### Work request
Type the data below again exactly. Omit all pictures.

Extracted records
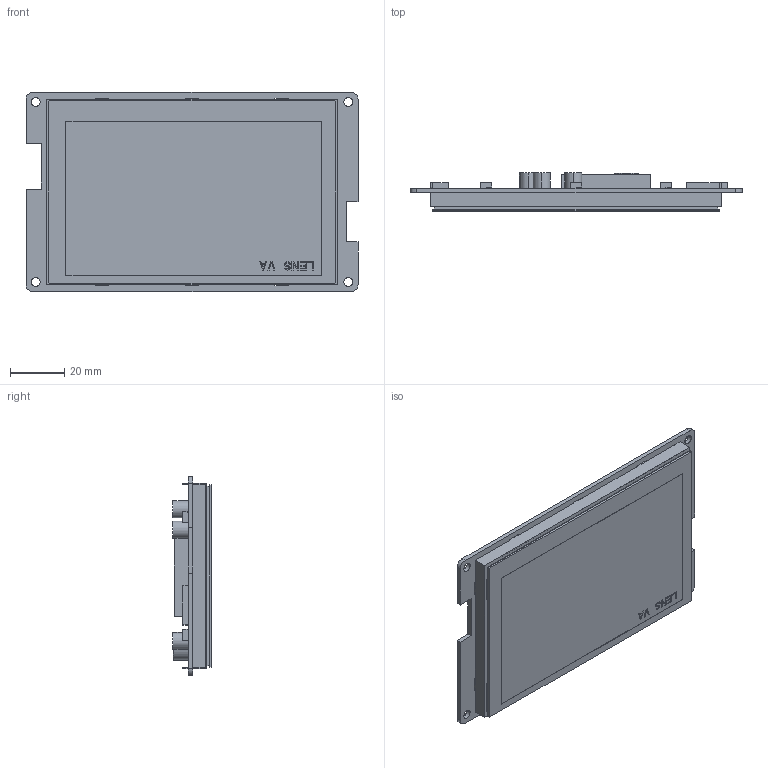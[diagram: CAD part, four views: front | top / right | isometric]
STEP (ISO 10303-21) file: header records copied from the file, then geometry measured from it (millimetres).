
FILE_DESCRIPTION((''),'2;1');
FILE_NAME('ASM0001_ASM','2019-08-27T',('Administrator'),(''),'PRO/ENGINEER BY PARAMETRIC TECHNOLOGY CORPORATION, 2011310','PRO/ENGINEER BY PARAMETRIC TECHNOLOGY CORPORATION, 2011310','');
FILE_SCHEMA(('CONFIG_CONTROL_DESIGN','SHAPE_APPEARANCE_LAYERS_GROUPS'));
Length unit declared in the file: millimetre
Products named in the file (5): TK043000; 043IPS; CTP; PCB-20190816; ASM0001_ASM
Assembly tree (4 placements, depth 2):
  ASM0001_ASM
    TK043000
    043IPS
    CTP
    PCB-20190816
Bounding box: 121.92 x 14.08 x 73.15 mm (x, y, z)
Volume: 51798.1 mm3; surface area: 57143.6 mm2
Topology: 4 solids, 4 shells, 372 faces, 1029 edges, 686 vertices
Faces by surface type: plane 313, cylinder 59
Entity records: 13260 total; most frequent: CARTESIAN_POINT 2096, ORIENTED_EDGE 2058, DIRECTION 1909, EDGE_CURVE 1029, VECTOR 911, LINE 911, VERTEX_POINT 686, AXIS2_PLACEMENT_3D 499

### Solution for this problem
[diagram: CAD part, four views: front | top / right | isometric]
STEP (ISO 10303-21) file: header records copied from the file, then geometry measured from it (millimetres).
FILE_DESCRIPTION((''),'2;1');
FILE_NAME('ASM0001_ASM','2019-08-27T',('Administrator'),(''),'PRO/ENGINEER BY PARAMETRIC TECHNOLOGY CORPORATION, 2011310','PRO/ENGINEER BY PARAMETRIC TECHNOLOGY CORPORATION, 2011310','');
FILE_SCHEMA(('CONFIG_CONTROL_DESIGN','SHAPE_APPEARANCE_LAYERS_GROUPS'));
Length unit declared in the file: millimetre
Products named in the file (5): TK043000; 043IPS; CTP; PCB-20190816; ASM0001_ASM
Assembly tree (4 placements, depth 2):
  ASM0001_ASM
    TK043000
    043IPS
    CTP
    PCB-20190816
Bounding box: 121.92 x 14.08 x 73.15 mm (x, y, z)
Volume: 51798.1 mm3; surface area: 57143.6 mm2
Topology: 4 solids, 4 shells, 372 faces, 1029 edges, 686 vertices
Faces by surface type: plane 313, cylinder 59
Entity records: 13260 total; most frequent: CARTESIAN_POINT 2096, ORIENTED_EDGE 2058, DIRECTION 1909, EDGE_CURVE 1029, VECTOR 911, LINE 911, VERTEX_POINT 686, AXIS2_PLACEMENT_3D 499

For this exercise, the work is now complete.